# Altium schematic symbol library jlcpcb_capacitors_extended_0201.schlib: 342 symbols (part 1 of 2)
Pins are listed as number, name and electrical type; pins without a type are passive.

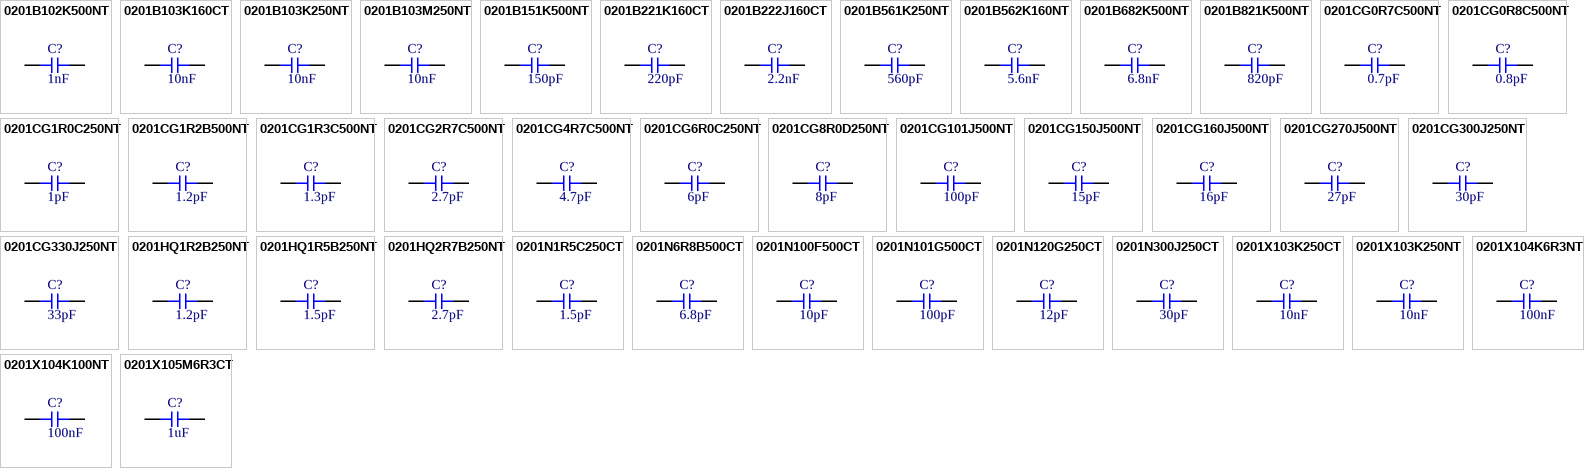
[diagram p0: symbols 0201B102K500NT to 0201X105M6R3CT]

## 0201B102K500NT
designator C?  Capacitance: 1nF  (hidden comment: *)
Capacitor, Ceramic (MLCC), 1nF, ±10%, 50V, X7R, ±10%, SMD 0201; Manufacturer: FH(Guangdong Fenghua Advanced Tech); Manufacturer Part Number: 0201B102K500NT
footprint CAP-0201 (0201 (0603M) Capacitor)
pins: 1, 2

## 0201B103K160CT
designator C?  Capacitance: 10nF  (hidden comment: *)
Capacitor, Ceramic (MLCC), 10nF, ±10%, 16V, X7R, ±10%, SMD 0201; Manufacturer: Walsin Tech Corp; Manufacturer Part Number: 0201B103K160CT
footprint CAP-0201 (0201 (0603M) Capacitor)
pins: 1, 2

## 0201B103K250NT
designator C?  Capacitance: 10nF  (hidden comment: *)
Capacitor, Ceramic (MLCC), 10nF, ±10%, 25V, X7R, ±10%, SMD 0201; Manufacturer: FH(Guangdong Fenghua Advanced Tech); Manufacturer Part Number: 0201B103K250NT
footprint CAP-0201 (0201 (0603M) Capacitor)
pins: 1, 2

## 0201B103M250NT
designator C?  Capacitance: 10nF  (hidden comment: *)
Capacitor, Ceramic (MLCC), 10nF, ±20%, 25V, X7R, ±20%, SMD 0201; Manufacturer: FH (Guangdong Fenghua Advanced Tech); Manufacturer Part Number: 0201B103M250NT
footprint CAP-0201 (0201 (0603M) Capacitor)
pins: 1, 2

## 0201B151K500NT
designator C?  Capacitance: 150pF  (hidden comment: *)
Capacitor, Ceramic (MLCC), 150pF, ±10%, 50V, ±10%, SMD 0201; Manufacturer: FH(Guangdong Fenghua Advanced Tech); Manufacturer Part Number: 0201B151K500NT
footprint CAP-0201 (0201 (0603M) Capacitor)
pins: 1, 2

## 0201B221K160CT
designator C?  Capacitance: 220pF  (hidden comment: *)
Capacitor, Ceramic (MLCC), 220pF, ±10%, 16V, X7R, ±10%, SMD 0201; Manufacturer: Walsin Tech Corp; Manufacturer Part Number: 0201B221K160CT
footprint CAP-0201 (0201 (0603M) Capacitor)
pins: 1, 2

## 0201B222J160CT
designator C?  Capacitance: 2.2nF  (hidden comment: *)
Capacitor, Ceramic (MLCC), 2.2nF, ±5%, 16V, X7R, ±5%, SMD 0201; Manufacturer: Walsin Tech Corp; Manufacturer Part Number: 0201B222J160CT
footprint CAP-0201 (0201 (0603M) Capacitor)
pins: 1, 2

## 0201B561K250NT
designator C?  Capacitance: 560pF  (hidden comment: *)
Capacitor, Ceramic (MLCC), 560pF, ±10%, 25V, X7R, ±10%, SMD 0201; Manufacturer: FH(Guangdong Fenghua Advanced Tech); Manufacturer Part Number: 0201B561K250NT
footprint CAP-0201 (0201 (0603M) Capacitor)
pins: 1, 2

## 0201B562K160NT
designator C?  Capacitance: 5.6nF  (hidden comment: *)
Capacitor, Ceramic (MLCC), 5.6nF, ±10%, 16V, ±10%, SMD 0201; Manufacturer: FH(Guangdong Fenghua Advanced Tech); Manufacturer Part Number: 0201B562K160NT
footprint CAP-0201 (0201 (0603M) Capacitor)
pins: 1, 2

## 0201B682K500NT
designator C?  Capacitance: 6.8nF  (hidden comment: *)
Capacitor, Ceramic (MLCC), 6.8nF, ±10%, 50V, ±10%, SMD 0201; Manufacturer: FH(Guangdong Fenghua Advanced Tech); Manufacturer Part Number: 0201B682K500NT
footprint CAP-0201 (0201 (0603M) Capacitor)
pins: 1, 2

## 0201B821K500NT
designator C?  Capacitance: 820pF  (hidden comment: *)
Capacitor, Ceramic (MLCC), 820pF, ±10%, 50V, ±10%, SMD 0201; Manufacturer: FH(Guangdong Fenghua Advanced Tech); Manufacturer Part Number: 0201B821K500NT
footprint CAP-0201 (0201 (0603M) Capacitor)
pins: 1, 2

## 0201CG0R7C500NT
designator C?  Capacitance: 0.7pF  (hidden comment: *)
Capacitor, Ceramic (MLCC), 0.7pF, ±0.25pF, 50V, ±0.25pF, SMD 0201; Manufacturer: FH(Guangdong Fenghua Advanced Tech); Manufacturer Part Number: 0201CG0R7C500NT
footprint CAP-0201 (0201 (0603M) Capacitor)
pins: 1, 2

## 0201CG0R8C500NT
designator C?  Capacitance: 0.8pF  (hidden comment: *)
Capacitor, Ceramic (MLCC), 0.8pF, ±0.25pF, 50V, ±0.25pF, SMD 0201; Manufacturer: FH(Guangdong Fenghua Advanced Tech); Manufacturer Part Number: 0201CG0R8C500NT
footprint CAP-0201 (0201 (0603M) Capacitor)
pins: 1, 2

## 0201CG1R0C250NT
designator C?  Capacitance: 1pF  (hidden comment: *)
Capacitor, Ceramic (MLCC), 1pF, ±0.25pF, 25V, C0G, ±0.25pF, SMD 0201; Manufacturer: FH(Guangdong Fenghua Advanced Tech); Manufacturer Part Number: 0201CG1R0C250NT
footprint CAP-0201 (0201 (0603M) Capacitor)
pins: 1, 2

## 0201CG1R2B500NT
designator C?  Capacitance: 1.2pF  (hidden comment: *)
Capacitor, Ceramic (MLCC), 1.2pF, ±0.1pF, 50V, C0G, ±0.1pF, SMD 0201; Manufacturer: FH(Guangdong Fenghua Advanced Tech); Manufacturer Part Number: 0201CG1R2B500NT
footprint CAP-0201 (0201 (0603M) Capacitor)
pins: 1, 2

## 0201CG1R3C500NT
designator C?  Capacitance: 1.3pF  (hidden comment: *)
Capacitor, Ceramic (MLCC), 1.3pF, ±0.25pF, 50V, C0G, ±0.25pF, SMD 0201; Manufacturer: FH(Guangdong Fenghua Advanced Tech); Manufacturer Part Number: 0201CG1R3C500NT
footprint CAP-0201 (0201 (0603M) Capacitor)
pins: 1, 2

## 0201CG2R7C500NT
designator C?  Capacitance: 2.7pF  (hidden comment: *)
Capacitor, Ceramic (MLCC), 2.7pF, ±0.25pF, 50V, C0G, ±0.25pF, SMD 0201; Manufacturer: FH(Guangdong Fenghua Advanced Tech); Manufacturer Part Number: 0201CG2R7C500NT
footprint CAP-0201 (0201 (0603M) Capacitor)
pins: 1, 2

## 0201CG4R7C500NT
designator C?  Capacitance: 4.7pF  (hidden comment: *)
Capacitor, Ceramic (MLCC), 4.7pF, ±5%, 50V, C0G, ±5%, SMD 0201; Manufacturer: FH(Guangdong Fenghua Advanced Tech); Manufacturer Part Number: 0201CG4R7C500NT
footprint CAP-0201 (0201 (0603M) Capacitor)
pins: 1, 2

## 0201CG6R0C250NT
designator C?  Capacitance: 6pF  (hidden comment: *)
Capacitor, Ceramic (MLCC), 6pF, ±0.25pF, 25V, ±0.25pF, SMD 0201; Manufacturer: FH(Guangdong Fenghua Advanced Tech); Manufacturer Part Number: 0201CG6R0C250NT
footprint CAP-0201 (0201 (0603M) Capacitor)
pins: 1, 2

## 0201CG8R0D250NT
designator C?  Capacitance: 8pF  (hidden comment: *)
Capacitor, Ceramic (MLCC), 8pF, ±0.5pF, 25V, C0G, ±0.5pF, SMD 0201; Manufacturer: FH(Guangdong Fenghua Advanced Tech); Manufacturer Part Number: 0201CG8R0D250NT
footprint CAP-0201 (0201 (0603M) Capacitor)
pins: 1, 2

## 0201CG101J500NT
designator C?  Capacitance: 100pF  (hidden comment: *)
Capacitor, Ceramic (MLCC), 100pF, ±5%, 50V, C0G, ±5%, SMD 0201; Manufacturer: FH(Guangdong Fenghua Advanced Tech); Manufacturer Part Number: 0201CG101J500NT
footprint CAP-0201 (0201 (0603M) Capacitor)
pins: 1, 2

## 0201CG150J500NT
designator C?  Capacitance: 15pF  (hidden comment: *)
Capacitor, Ceramic (MLCC), 15pF, ±5%, 50V, C0G, ±5%, SMD 0201; Manufacturer: FH(Guangdong Fenghua Advanced Tech); Manufacturer Part Number: 0201CG150J500NT
footprint CAP-0201 (0201 (0603M) Capacitor)
pins: 1, 2

## 0201CG160J500NT
designator C?  Capacitance: 16pF  (hidden comment: *)
Capacitor, Ceramic (MLCC), 16pF, ±5%, 50V, ±5%, SMD 0201; Manufacturer: FH(Guangdong Fenghua Advanced Tech); Manufacturer Part Number: 0201CG160J500NT
footprint CAP-0201 (0201 (0603M) Capacitor)
pins: 1, 2

## 0201CG270J500NT
designator C?  Capacitance: 27pF  (hidden comment: *)
Capacitor, Ceramic (MLCC), 27pF, ±5%, 50V, C0G, ±5%, SMD 0201; Manufacturer: FH(Guangdong Fenghua Advanced Tech); Manufacturer Part Number: 0201CG270J500NT
footprint CAP-0201 (0201 (0603M) Capacitor)
pins: 1, 2

## 0201CG300J250NT
designator C?  Capacitance: 30pF  (hidden comment: *)
Capacitor, Ceramic (MLCC), 30pF, ±5%, 25V, ±5%, SMD 0201; Manufacturer: FH (Guangdong Fenghua Advanced Tech); Manufacturer Part Number: 0201CG300J250NT
footprint CAP-0201 (0201 (0603M) Capacitor)
pins: 1, 2

## 0201CG330J250NT
designator C?  Capacitance: 33pF  (hidden comment: *)
Capacitor, Ceramic (MLCC), 33pF, ±5%, 25V, C0G, ±5%, SMD 0201; Manufacturer: FH(Guangdong Fenghua Advanced Tech); Manufacturer Part Number: 0201CG330J250NT
footprint CAP-0201 (0201 (0603M) Capacitor)
pins: 1, 2

## 0201HQ1R2B250NT
designator C?  Capacitance: 1.2pF  (hidden comment: *)
Capacitor, Ceramic (MLCC), 1.2pF, ±0.1pF, 25V, C0G, ±0.1pF, SMD 0201; Manufacturer: FH(Guangdong Fenghua Advanced Tech); Manufacturer Part Number: 0201HQ1R2B250NT
footprint CAP-0201 (0201 (0603M) Capacitor)
pins: 1, 2

## 0201HQ1R5B250NT
designator C?  Capacitance: 1.5pF  (hidden comment: *)
Capacitor, Ceramic (MLCC), 1.5pF, ±0.1pF, 25V, C0G, ±0.1pF, SMD 0201; Manufacturer: FH(Guangdong Fenghua Advanced Tech); Manufacturer Part Number: 0201HQ1R5B250NT
footprint CAP-0201 (0201 (0603M) Capacitor)
pins: 1, 2

## 0201HQ2R7B250NT
designator C?  Capacitance: 2.7pF  (hidden comment: *)
Capacitor, Ceramic (MLCC), 2.7pF, ±0.1pF, 25V, C0G, ±0.1pF, SMD 0201; Manufacturer: FH(Guangdong Fenghua Advanced Tech); Manufacturer Part Number: 0201HQ2R7B250NT
footprint CAP-0201 (0201 (0603M) Capacitor)
pins: 1, 2

## 0201N1R5C250CT
designator C?  Capacitance: 1.5pF  (hidden comment: *)
Capacitor, Ceramic (MLCC), 1.5pF, ±0.25pF, 25V, NP0, ±0.25pF, SMD 0201; Manufacturer: Walsin Tech Corp; Manufacturer Part Number: 0201N1R5C250CT
footprint CAP-0201 (0201 (0603M) Capacitor)
pins: 1, 2

## 0201N6R8B500CT
designator C?  Capacitance: 6.8pF  (hidden comment: *)
Capacitor, Ceramic (MLCC), 6.8pF, ±0.1pF, 50V, NP0, ±0.1pF, SMD 0201; Manufacturer: Walsin Tech Corp; Manufacturer Part Number: 0201N6R8B500CT
footprint CAP-0201 (0201 (0603M) Capacitor)
pins: 1, 2

## 0201N100F500CT
designator C?  Capacitance: 10pF  (hidden comment: *)
Capacitor, Ceramic (MLCC), 10pF, ±1%, 50V, NP0, ±1%, SMD 0201; Manufacturer: Walsin Tech Corp; Manufacturer Part Number: 0201N100F500CT
footprint CAP-0201 (0201 (0603M) Capacitor)
pins: 1, 2

## 0201N101G500CT
designator C?  Capacitance: 100pF  (hidden comment: *)
Capacitor, Ceramic (MLCC), 100pF, ±2%, 50V, NP0, ±2%, SMD 0201; Manufacturer: Walsin Tech Corp; Manufacturer Part Number: 0201N101G500CT
footprint CAP-0201 (0201 (0603M) Capacitor)
pins: 1, 2

## 0201N120G250CT
designator C?  Capacitance: 12pF  (hidden comment: *)
Capacitor, Ceramic (MLCC), 12pF, ±2%, 25V, NP0, ±2%, SMD 0201; Manufacturer: Walsin Tech Corp; Manufacturer Part Number: 0201N120G250CT
footprint CAP-0201 (0201 (0603M) Capacitor)
pins: 1, 2

## 0201N300J250CT
designator C?  Capacitance: 30pF  (hidden comment: *)
Capacitor, Ceramic (MLCC), 30pF, ±5%, 25V, NP0, ±5%, SMD 0201; Manufacturer: Walsin Tech Corp; Manufacturer Part Number: 0201N300J250CT
footprint CAP-0201 (0201 (0603M) Capacitor)
pins: 1, 2

## 0201X103K250CT
designator C?  Capacitance: 10nF  (hidden comment: *)
Capacitor, Ceramic (MLCC), 10nF, ±10%, 25V, X5R, ±10%, SMD 0201; Manufacturer: Walsin Tech Corp; Manufacturer Part Number: 0201X103K250CT
footprint CAP-0201 (0201 (0603M) Capacitor)
pins: 1, 2

## 0201X103K250NT
designator C?  Capacitance: 10nF  (hidden comment: *)
Capacitor, Ceramic (MLCC), 10nF, ±10%, 25V, ±10%, SMD 0201; Manufacturer: FH(Guangdong Fenghua Advanced Tech); Manufacturer Part Number: 0201X103K250NT
footprint CAP-0201 (0201 (0603M) Capacitor)
pins: 1, 2

## 0201X104K6R3NT
designator C?  Capacitance: 100nF  (hidden comment: *)
Capacitor, Ceramic (MLCC), 100nF, ±10%, 6.3V, X5R, ±10%, SMD 0201; Manufacturer: FH(Guangdong Fenghua Advanced Tech); Manufacturer Part Number: 0201X104K6R3NT
footprint CAP-0201 (0201 (0603M) Capacitor)
pins: 1, 2

## 0201X104K100NT
designator C?  Capacitance: 100nF  (hidden comment: *)
Capacitor, Ceramic (MLCC), 100nF, ±10%, 10V, X5R, ±10%, SMD 0201; Manufacturer: FH(Guangdong Fenghua Advanced Tech); Manufacturer Part Number: 0201X104K100NT
footprint CAP-0201 (0201 (0603M) Capacitor)
pins: 1, 2

## 0201X105M6R3CT
designator C?  Capacitance: 1uF  (hidden comment: *)
Capacitor, Ceramic (MLCC), 1uF, ±20%, 6.3V, X5R, ±20%, SMD 0201; Manufacturer: Walsin Tech Corp; Manufacturer Part Number: 0201X105M6R3CT
footprint CAP-0201 (0201 (0603M) Capacitor)
pins: 1, 2

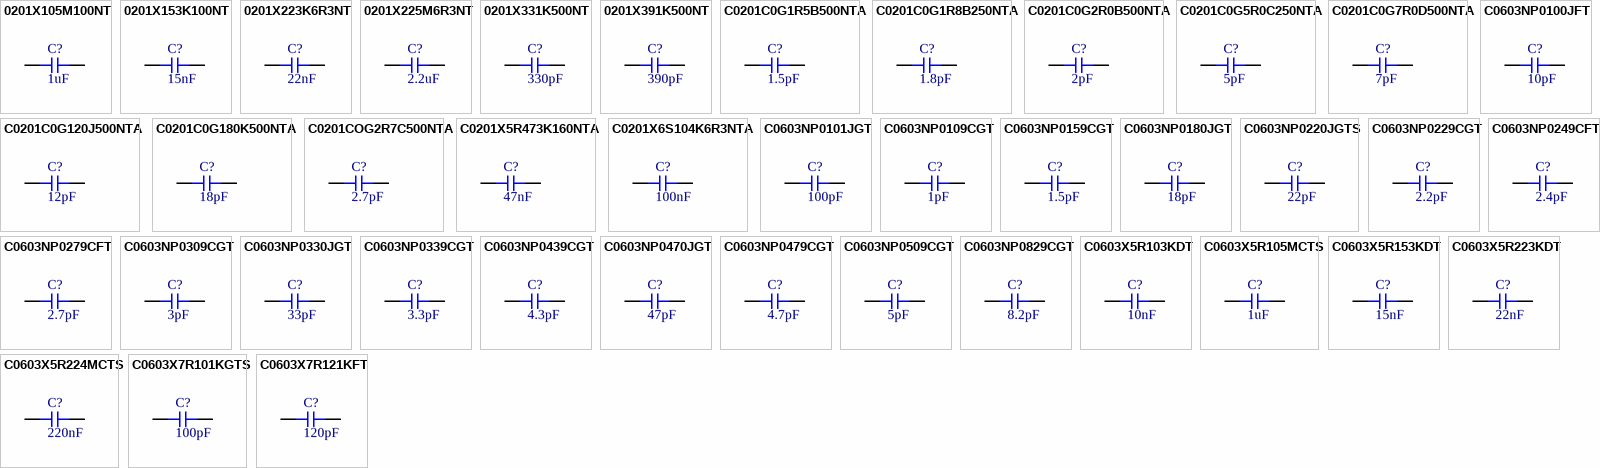
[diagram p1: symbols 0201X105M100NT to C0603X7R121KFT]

## 0201X105M100NT
designator C?  Capacitance: 1uF  (hidden comment: *)
Capacitor, Ceramic (MLCC), 1uF, ±10%, 25V, X5R, ±10%, SMD 0201; Manufacturer: FH (Guangdong Fenghua Advanced Tech); Manufacturer Part Number: 0201X105M100NT
footprint CAP-0201 (0201 (0603M) Capacitor)
pins: 1, 2

## 0201X153K100NT
designator C?  Capacitance: 15nF  (hidden comment: *)
Capacitor, Ceramic (MLCC), 15nF, ±10%, 10V, X5R, ±10%, SMD 0201; Manufacturer: FH(Guangdong Fenghua Advanced Tech); Manufacturer Part Number: 0201X153K100NT
footprint CAP-0201 (0201 (0603M) Capacitor)
pins: 1, 2

## 0201X223K6R3NT
designator C?  Capacitance: 22nF  (hidden comment: *)
Capacitor, Ceramic (MLCC), 22nF, ±10%, 6.3V, X5R, ±10%, SMD 0201; Manufacturer: FH(Guangdong Fenghua Advanced Tech); Manufacturer Part Number: 0201X223K6R3NT
footprint CAP-0201 (0201 (0603M) Capacitor)
pins: 1, 2

## 0201X225M6R3NT
designator C?  Capacitance: 2.2uF  (hidden comment: *)
Capacitor, Ceramic (MLCC), 2.2uF, ±20%, 6.3V, X5R, ±20%, SMD 0201; Manufacturer: FH(Guangdong Fenghua Advanced Tech); Manufacturer Part Number: 0201X225M6R3NT
footprint CAP-0201 (0201 (0603M) Capacitor)
pins: 1, 2

## 0201X331K500NT
designator C?  Capacitance: 330pF  (hidden comment: *)
Capacitor, Ceramic (MLCC), 330pF, ±10%, 50V, ±10%, SMD 0201; Manufacturer: FH(Guangdong Fenghua Advanced Tech); Manufacturer Part Number: 0201X331K500NT
footprint CAP-0201 (0201 (0603M) Capacitor)
pins: 1, 2

## 0201X391K500NT
designator C?  Capacitance: 390pF  (hidden comment: *)
Capacitor, Ceramic (MLCC), 390pF, ±10%, 50V, ±10%, SMD 0201; Manufacturer: FH(Guangdong Fenghua Advanced Tech); Manufacturer Part Number: 0201X391K500NT
footprint CAP-0201 (0201 (0603M) Capacitor)
pins: 1, 2

## C0201C0G1R5B500NTA
designator C?  Capacitance: 1.5pF  (hidden comment: *)
Capacitor, Ceramic (MLCC), 1.5pF, ±0.1pF, 50V, C0G, ±0.1pF, SMD 0201; Manufacturer: EYANG(Shenzhen Eyang Tech Development); Manufacturer Part Number: C0201C0G1R5B500NTA
footprint CAP-0201 (0201 (0603M) Capacitor)
pins: 1, 2

## C0201C0G1R8B250NTA
designator C?  Capacitance: 1.8pF  (hidden comment: *)
Capacitor, Ceramic (MLCC), 1.8pF, ±0.1pF, 25V, C0G, ±0.1pF, SMD 0201; Manufacturer: EYANG(Shenzhen Eyang Tech Development); Manufacturer Part Number: C0201C0G1R8B250NTA
footprint CAP-0201 (0201 (0603M) Capacitor)
pins: 1, 2

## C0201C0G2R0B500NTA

-*-

**Task details:**
Copy down every line of the material above that includes the string "Eyang".

**Response for this exercise:**
Capacitor, Ceramic (MLCC), 1.5pF, ±0.1pF, 50V, C0G, ±0.1pF, SMD 0201; Manufacturer: EYANG(Shenzhen Eyang Tech Development); Manufacturer Part Number: C0201C0G1R5B500NTA
Capacitor, Ceramic (MLCC), 1.8pF, ±0.1pF, 25V, C0G, ±0.1pF, SMD 0201; Manufacturer: EYANG(Shenzhen Eyang Tech Development); Manufacturer Part Number: C0201C0G1R8B250NTA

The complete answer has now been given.